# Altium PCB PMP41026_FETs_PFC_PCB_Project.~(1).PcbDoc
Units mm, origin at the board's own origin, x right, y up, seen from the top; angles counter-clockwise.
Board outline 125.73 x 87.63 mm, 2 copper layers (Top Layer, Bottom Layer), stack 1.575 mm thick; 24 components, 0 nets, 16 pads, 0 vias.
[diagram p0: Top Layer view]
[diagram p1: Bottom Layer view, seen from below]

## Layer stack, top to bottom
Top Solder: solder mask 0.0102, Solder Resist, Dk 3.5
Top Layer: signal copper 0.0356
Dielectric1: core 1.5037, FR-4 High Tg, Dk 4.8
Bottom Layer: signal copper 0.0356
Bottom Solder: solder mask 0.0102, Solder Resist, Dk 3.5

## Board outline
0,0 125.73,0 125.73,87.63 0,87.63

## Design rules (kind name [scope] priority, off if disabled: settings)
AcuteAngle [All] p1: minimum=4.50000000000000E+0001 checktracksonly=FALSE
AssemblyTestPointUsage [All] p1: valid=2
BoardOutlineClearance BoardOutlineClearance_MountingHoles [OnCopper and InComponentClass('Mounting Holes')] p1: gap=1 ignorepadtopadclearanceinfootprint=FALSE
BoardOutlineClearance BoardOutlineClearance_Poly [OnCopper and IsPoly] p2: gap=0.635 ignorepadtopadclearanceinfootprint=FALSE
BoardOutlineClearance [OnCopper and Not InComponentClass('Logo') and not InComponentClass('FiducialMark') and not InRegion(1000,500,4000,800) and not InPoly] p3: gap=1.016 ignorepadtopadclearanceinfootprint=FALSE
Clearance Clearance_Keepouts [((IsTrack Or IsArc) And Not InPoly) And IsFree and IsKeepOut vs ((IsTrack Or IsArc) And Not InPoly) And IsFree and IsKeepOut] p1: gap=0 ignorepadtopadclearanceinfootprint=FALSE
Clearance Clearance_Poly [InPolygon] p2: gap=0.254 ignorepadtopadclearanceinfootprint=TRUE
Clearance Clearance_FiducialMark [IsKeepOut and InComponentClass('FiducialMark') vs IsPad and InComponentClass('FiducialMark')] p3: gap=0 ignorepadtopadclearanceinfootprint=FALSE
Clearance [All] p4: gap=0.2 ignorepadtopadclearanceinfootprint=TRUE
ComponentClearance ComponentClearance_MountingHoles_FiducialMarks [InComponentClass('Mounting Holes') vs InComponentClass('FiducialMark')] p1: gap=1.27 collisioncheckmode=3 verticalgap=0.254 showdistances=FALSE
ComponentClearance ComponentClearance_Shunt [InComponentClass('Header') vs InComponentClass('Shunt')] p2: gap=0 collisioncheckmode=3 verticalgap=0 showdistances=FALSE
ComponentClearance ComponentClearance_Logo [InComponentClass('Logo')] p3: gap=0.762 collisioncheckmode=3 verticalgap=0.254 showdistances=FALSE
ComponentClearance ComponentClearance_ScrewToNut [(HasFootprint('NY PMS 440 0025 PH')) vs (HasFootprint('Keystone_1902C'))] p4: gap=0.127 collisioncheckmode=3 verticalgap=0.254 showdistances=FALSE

=-=-=-=-=

# Exercise aim:
Every record, word for word, must be returned.

# Your solution:
# Altium PCB PMP41026_FETs_PFC_PCB_Project.~(1).PcbDoc
Units mm, origin at the board's own origin, x right, y up, seen from the top; angles counter-clockwise.
Board outline 125.73 x 87.63 mm, 2 copper layers (Top Layer, Bottom Layer), stack 1.575 mm thick; 24 components, 0 nets, 16 pads, 0 vias.
[diagram p0: Top Layer view]
[diagram p1: Bottom Layer view, seen from below]

## Layer stack, top to bottom
Top Solder: solder mask 0.0102, Solder Resist, Dk 3.5
Top Layer: signal copper 0.0356
Dielectric1: core 1.5037, FR-4 High Tg, Dk 4.8
Bottom Layer: signal copper 0.0356
Bottom Solder: solder mask 0.0102, Solder Resist, Dk 3.5

## Board outline
0,0 125.73,0 125.73,87.63 0,87.63

## Design rules (kind name [scope] priority, off if disabled: settings)
AcuteAngle [All] p1: minimum=4.50000000000000E+0001 checktracksonly=FALSE
AssemblyTestPointUsage [All] p1: valid=2
BoardOutlineClearance BoardOutlineClearance_MountingHoles [OnCopper and InComponentClass('Mounting Holes')] p1: gap=1 ignorepadtopadclearanceinfootprint=FALSE
BoardOutlineClearance BoardOutlineClearance_Poly [OnCopper and IsPoly] p2: gap=0.635 ignorepadtopadclearanceinfootprint=FALSE
BoardOutlineClearance [OnCopper and Not InComponentClass('Logo') and not InComponentClass('FiducialMark') and not InRegion(1000,500,4000,800) and not InPoly] p3: gap=1.016 ignorepadtopadclearanceinfootprint=FALSE
Clearance Clearance_Keepouts [((IsTrack Or IsArc) And Not InPoly) And IsFree and IsKeepOut vs ((IsTrack Or IsArc) And Not InPoly) And IsFree and IsKeepOut] p1: gap=0 ignorepadtopadclearanceinfootprint=FALSE
Clearance Clearance_Poly [InPolygon] p2: gap=0.254 ignorepadtopadclearanceinfootprint=TRUE
Clearance Clearance_FiducialMark [IsKeepOut and InComponentClass('FiducialMark') vs IsPad and InComponentClass('FiducialMark')] p3: gap=0 ignorepadtopadclearanceinfootprint=FALSE
Clearance [All] p4: gap=0.2 ignorepadtopadclearanceinfootprint=TRUE
ComponentClearance ComponentClearance_MountingHoles_FiducialMarks [InComponentClass('Mounting Holes') vs InComponentClass('FiducialMark')] p1: gap=1.27 collisioncheckmode=3 verticalgap=0.254 showdistances=FALSE
ComponentClearance ComponentClearance_Shunt [InComponentClass('Header') vs InComponentClass('Shunt')] p2: gap=0 collisioncheckmode=3 verticalgap=0 showdistances=FALSE
ComponentClearance ComponentClearance_Logo [InComponentClass('Logo')] p3: gap=0.762 collisioncheckmode=3 verticalgap=0.254 showdistances=FALSE
ComponentClearance ComponentClearance_ScrewToNut [(HasFootprint('NY PMS 440 0025 PH')) vs (HasFootprint('Keystone_1902C'))] p4: gap=0.127 collisioncheckmode=3 verticalgap=0.254 showdistances=FALSE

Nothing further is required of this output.